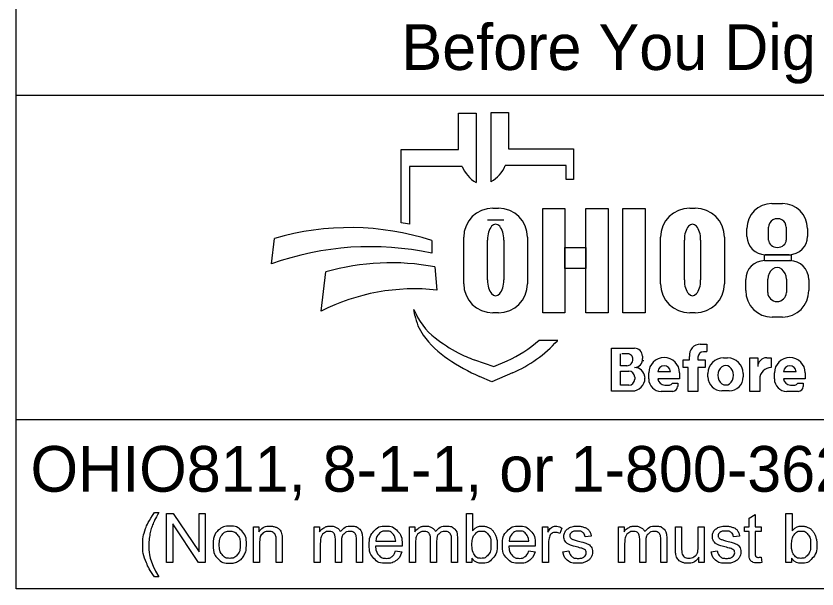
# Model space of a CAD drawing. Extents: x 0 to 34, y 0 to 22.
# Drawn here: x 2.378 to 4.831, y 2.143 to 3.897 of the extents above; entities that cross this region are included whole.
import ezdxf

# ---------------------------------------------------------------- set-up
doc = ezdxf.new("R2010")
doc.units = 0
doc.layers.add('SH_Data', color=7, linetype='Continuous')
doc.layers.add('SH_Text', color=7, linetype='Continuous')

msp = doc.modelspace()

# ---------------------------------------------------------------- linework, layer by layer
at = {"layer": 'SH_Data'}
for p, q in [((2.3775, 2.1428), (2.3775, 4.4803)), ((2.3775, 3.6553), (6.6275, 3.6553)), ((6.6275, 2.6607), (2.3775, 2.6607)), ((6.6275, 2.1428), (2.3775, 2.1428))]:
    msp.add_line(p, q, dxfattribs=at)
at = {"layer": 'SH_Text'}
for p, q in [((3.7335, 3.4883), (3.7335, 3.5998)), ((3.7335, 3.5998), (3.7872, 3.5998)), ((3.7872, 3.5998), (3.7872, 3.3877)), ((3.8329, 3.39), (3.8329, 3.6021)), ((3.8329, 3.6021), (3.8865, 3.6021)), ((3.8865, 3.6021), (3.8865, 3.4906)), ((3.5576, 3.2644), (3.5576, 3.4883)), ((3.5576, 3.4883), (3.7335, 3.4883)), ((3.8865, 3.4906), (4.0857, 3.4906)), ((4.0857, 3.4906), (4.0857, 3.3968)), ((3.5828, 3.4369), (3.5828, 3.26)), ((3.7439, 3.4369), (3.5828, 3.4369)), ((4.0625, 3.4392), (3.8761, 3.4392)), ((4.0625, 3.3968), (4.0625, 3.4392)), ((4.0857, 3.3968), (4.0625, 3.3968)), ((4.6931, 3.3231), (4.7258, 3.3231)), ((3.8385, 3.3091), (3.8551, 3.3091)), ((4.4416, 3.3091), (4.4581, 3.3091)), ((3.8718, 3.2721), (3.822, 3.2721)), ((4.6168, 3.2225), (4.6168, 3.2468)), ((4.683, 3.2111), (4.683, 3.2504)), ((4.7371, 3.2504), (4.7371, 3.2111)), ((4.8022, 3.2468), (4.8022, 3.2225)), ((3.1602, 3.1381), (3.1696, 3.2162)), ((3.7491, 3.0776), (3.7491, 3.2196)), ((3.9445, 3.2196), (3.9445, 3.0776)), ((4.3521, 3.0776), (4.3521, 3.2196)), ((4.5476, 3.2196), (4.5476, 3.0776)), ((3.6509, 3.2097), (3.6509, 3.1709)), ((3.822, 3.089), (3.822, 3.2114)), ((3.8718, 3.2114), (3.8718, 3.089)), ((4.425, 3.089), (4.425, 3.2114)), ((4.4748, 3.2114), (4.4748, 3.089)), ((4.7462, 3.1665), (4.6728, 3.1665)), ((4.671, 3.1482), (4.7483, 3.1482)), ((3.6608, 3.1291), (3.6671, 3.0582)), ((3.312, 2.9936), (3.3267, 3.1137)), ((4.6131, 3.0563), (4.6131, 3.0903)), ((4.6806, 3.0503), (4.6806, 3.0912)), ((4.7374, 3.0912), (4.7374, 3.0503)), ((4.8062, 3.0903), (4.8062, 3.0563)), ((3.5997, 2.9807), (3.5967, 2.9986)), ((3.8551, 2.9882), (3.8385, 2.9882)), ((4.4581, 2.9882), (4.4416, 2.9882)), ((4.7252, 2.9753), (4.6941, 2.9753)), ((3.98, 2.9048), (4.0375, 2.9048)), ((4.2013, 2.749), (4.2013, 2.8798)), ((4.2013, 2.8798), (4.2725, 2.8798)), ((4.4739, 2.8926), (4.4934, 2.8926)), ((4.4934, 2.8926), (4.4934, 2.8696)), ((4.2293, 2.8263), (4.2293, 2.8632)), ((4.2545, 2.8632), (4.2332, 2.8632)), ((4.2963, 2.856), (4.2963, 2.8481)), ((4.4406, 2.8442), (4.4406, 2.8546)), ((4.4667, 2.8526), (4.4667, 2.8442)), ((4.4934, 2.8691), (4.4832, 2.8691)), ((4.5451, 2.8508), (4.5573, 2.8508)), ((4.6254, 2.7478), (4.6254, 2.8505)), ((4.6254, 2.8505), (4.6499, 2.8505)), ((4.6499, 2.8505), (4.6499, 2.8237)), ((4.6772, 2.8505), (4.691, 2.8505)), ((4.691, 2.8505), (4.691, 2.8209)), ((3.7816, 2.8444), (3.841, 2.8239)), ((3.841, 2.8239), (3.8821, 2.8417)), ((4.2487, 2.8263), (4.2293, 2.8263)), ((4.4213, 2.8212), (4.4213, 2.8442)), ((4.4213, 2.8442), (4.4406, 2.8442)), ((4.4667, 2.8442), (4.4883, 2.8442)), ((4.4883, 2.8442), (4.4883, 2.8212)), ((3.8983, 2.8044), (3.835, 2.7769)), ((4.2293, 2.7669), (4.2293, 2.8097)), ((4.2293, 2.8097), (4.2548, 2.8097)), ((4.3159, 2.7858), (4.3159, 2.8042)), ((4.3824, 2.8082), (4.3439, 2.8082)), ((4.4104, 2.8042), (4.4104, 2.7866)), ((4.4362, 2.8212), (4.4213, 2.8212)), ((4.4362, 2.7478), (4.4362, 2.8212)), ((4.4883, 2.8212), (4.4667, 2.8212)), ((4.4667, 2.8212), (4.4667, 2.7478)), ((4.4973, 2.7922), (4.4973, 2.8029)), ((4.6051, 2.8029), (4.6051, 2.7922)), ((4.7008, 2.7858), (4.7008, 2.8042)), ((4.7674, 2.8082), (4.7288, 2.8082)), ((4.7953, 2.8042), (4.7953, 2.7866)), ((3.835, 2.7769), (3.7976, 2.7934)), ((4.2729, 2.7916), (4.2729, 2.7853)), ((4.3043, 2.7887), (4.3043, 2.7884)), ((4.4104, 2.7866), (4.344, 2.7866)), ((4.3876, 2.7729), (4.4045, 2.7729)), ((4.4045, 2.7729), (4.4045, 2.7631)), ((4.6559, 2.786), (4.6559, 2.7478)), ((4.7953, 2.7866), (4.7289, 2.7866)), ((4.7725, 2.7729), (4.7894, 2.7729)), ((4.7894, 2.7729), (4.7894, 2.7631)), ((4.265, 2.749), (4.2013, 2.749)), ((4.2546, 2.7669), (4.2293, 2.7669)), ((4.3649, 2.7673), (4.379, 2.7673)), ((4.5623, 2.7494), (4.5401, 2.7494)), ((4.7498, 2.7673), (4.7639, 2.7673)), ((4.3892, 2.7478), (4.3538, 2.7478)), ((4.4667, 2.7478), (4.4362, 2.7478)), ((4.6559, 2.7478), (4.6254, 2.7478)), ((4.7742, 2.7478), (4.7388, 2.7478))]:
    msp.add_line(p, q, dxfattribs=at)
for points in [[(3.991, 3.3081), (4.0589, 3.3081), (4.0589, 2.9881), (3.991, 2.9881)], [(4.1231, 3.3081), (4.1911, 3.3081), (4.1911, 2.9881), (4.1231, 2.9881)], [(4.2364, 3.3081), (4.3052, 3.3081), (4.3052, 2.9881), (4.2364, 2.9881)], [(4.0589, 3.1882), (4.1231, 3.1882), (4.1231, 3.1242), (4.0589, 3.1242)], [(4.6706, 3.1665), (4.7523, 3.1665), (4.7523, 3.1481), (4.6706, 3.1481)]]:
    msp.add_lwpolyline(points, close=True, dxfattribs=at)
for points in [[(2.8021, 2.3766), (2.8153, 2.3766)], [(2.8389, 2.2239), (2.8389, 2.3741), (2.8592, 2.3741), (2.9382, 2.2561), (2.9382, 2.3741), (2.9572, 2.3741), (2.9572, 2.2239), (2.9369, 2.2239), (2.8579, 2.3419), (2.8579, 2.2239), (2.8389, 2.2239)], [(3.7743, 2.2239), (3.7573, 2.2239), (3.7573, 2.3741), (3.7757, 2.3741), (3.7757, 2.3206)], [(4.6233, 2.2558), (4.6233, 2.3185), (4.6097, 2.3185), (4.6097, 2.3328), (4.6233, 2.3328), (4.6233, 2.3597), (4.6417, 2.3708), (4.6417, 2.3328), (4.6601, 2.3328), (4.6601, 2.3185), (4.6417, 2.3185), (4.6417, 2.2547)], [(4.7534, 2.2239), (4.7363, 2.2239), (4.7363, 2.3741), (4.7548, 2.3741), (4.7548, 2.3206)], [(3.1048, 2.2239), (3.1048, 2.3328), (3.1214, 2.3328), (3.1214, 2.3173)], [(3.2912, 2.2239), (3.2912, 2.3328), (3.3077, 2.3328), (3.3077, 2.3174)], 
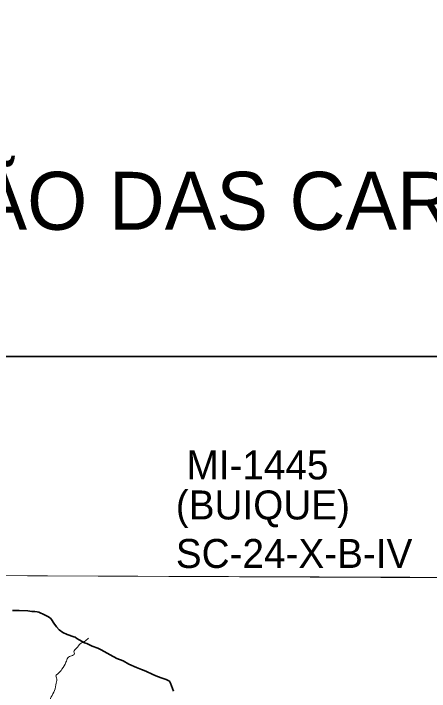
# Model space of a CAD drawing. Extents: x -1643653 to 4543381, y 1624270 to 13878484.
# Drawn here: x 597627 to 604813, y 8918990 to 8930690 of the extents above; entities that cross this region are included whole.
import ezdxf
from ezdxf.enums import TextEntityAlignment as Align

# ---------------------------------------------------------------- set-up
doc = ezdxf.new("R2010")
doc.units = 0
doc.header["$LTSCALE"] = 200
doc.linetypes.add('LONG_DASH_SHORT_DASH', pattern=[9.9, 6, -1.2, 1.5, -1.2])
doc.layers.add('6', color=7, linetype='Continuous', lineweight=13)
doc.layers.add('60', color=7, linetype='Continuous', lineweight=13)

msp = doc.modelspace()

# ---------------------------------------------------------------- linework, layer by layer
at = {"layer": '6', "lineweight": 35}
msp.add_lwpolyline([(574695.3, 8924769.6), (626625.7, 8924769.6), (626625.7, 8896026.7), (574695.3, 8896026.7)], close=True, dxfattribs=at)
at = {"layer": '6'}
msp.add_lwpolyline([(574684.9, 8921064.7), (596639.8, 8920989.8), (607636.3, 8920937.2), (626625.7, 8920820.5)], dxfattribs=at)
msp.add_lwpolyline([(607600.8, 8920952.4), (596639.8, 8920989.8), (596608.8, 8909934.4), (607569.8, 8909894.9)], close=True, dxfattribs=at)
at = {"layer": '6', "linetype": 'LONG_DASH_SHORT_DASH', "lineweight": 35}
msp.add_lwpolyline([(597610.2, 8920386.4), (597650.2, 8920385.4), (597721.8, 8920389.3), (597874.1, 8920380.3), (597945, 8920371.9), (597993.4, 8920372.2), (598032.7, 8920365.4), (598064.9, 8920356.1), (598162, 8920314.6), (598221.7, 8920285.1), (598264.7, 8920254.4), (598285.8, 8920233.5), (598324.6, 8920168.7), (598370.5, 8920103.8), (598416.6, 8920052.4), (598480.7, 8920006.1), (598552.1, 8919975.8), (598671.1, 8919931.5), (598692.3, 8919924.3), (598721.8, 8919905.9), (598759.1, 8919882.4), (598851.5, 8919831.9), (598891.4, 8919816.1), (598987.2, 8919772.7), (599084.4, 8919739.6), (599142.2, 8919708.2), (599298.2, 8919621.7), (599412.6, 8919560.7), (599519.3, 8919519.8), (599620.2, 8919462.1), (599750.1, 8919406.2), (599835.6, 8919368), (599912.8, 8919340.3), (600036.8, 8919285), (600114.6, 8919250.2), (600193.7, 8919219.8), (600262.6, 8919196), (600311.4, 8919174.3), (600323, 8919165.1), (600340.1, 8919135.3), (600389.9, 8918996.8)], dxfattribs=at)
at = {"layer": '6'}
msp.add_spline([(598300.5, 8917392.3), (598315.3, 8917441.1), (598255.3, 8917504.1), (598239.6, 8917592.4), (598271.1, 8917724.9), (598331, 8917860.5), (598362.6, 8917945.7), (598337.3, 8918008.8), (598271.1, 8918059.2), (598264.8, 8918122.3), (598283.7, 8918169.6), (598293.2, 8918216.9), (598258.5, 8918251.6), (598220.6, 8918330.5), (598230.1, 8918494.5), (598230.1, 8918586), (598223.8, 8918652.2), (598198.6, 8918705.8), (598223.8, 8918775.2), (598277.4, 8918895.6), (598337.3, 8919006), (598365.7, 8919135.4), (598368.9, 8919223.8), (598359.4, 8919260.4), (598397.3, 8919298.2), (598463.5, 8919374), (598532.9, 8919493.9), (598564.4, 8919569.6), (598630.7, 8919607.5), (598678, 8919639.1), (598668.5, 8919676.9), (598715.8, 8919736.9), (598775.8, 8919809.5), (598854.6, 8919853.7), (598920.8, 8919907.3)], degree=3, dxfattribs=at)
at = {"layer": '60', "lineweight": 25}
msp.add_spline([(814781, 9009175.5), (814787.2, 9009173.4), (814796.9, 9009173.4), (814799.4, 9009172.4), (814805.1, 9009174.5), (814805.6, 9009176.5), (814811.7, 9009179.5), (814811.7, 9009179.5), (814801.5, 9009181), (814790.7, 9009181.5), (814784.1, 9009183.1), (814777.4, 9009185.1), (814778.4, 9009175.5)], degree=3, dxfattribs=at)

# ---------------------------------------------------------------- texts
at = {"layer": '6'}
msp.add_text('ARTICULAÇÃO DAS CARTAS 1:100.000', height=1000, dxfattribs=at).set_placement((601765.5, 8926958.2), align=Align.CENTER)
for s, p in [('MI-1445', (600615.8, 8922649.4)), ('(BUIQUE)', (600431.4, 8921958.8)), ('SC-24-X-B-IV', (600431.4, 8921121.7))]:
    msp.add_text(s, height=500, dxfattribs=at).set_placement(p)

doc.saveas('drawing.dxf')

________________________

**WORK REQUIRED:**
Taking the entries above, write out exactly each line from the one holding "(600389.9, 8918996.8)], dxfattribs=at)" to the one holding "9009175.5)], degree=3, dxfattribs=at)", both included, and stop there.

**ANSWER TO THIS EXERCISE:**
msp.add_lwpolyline([(597610.2, 8920386.4), (597650.2, 8920385.4), (597721.8, 8920389.3), (597874.1, 8920380.3), (597945, 8920371.9), (597993.4, 8920372.2), (598032.7, 8920365.4), (598064.9, 8920356.1), (598162, 8920314.6), (598221.7, 8920285.1), (598264.7, 8920254.4), (598285.8, 8920233.5), (598324.6, 8920168.7), (598370.5, 8920103.8), (598416.6, 8920052.4), (598480.7, 8920006.1), (598552.1, 8919975.8), (598671.1, 8919931.5), (598692.3, 8919924.3), (598721.8, 8919905.9), (598759.1, 8919882.4), (598851.5, 8919831.9), (598891.4, 8919816.1), (598987.2, 8919772.7), (599084.4, 8919739.6), (599142.2, 8919708.2), (599298.2, 8919621.7), (599412.6, 8919560.7), (599519.3, 8919519.8), (599620.2, 8919462.1), (599750.1, 8919406.2), (599835.6, 8919368), (599912.8, 8919340.3), (600036.8, 8919285), (600114.6, 8919250.2), (600193.7, 8919219.8), (600262.6, 8919196), (600311.4, 8919174.3), (600323, 8919165.1), (600340.1, 8919135.3), (600389.9, 8918996.8)], dxfattribs=at)
at = {"layer": '6'}
msp.add_spline([(598300.5, 8917392.3), (598315.3, 8917441.1), (598255.3, 8917504.1), (598239.6, 8917592.4), (598271.1, 8917724.9), (598331, 8917860.5), (598362.6, 8917945.7), (598337.3, 8918008.8), (598271.1, 8918059.2), (598264.8, 8918122.3), (598283.7, 8918169.6), (598293.2, 8918216.9), (598258.5, 8918251.6), (598220.6, 8918330.5), (598230.1, 8918494.5), (598230.1, 8918586), (598223.8, 8918652.2), (598198.6, 8918705.8), (598223.8, 8918775.2), (598277.4, 8918895.6), (598337.3, 8919006), (598365.7, 8919135.4), (598368.9, 8919223.8), (598359.4, 8919260.4), (598397.3, 8919298.2), (598463.5, 8919374), (598532.9, 8919493.9), (598564.4, 8919569.6), (598630.7, 8919607.5), (598678, 8919639.1), (598668.5, 8919676.9), (598715.8, 8919736.9), (598775.8, 8919809.5), (598854.6, 8919853.7), (598920.8, 8919907.3)], degree=3, dxfattribs=at)
at = {"layer": '60', "lineweight": 25}
msp.add_spline([(814781, 9009175.5), (814787.2, 9009173.4), (814796.9, 9009173.4), (814799.4, 9009172.4), (814805.1, 9009174.5), (814805.6, 9009176.5), (814811.7, 9009179.5), (814811.7, 9009179.5), (814801.5, 9009181), (814790.7, 9009181.5), (814784.1, 9009183.1), (814777.4, 9009185.1), (814778.4, 9009175.5)], degree=3, dxfattribs=at)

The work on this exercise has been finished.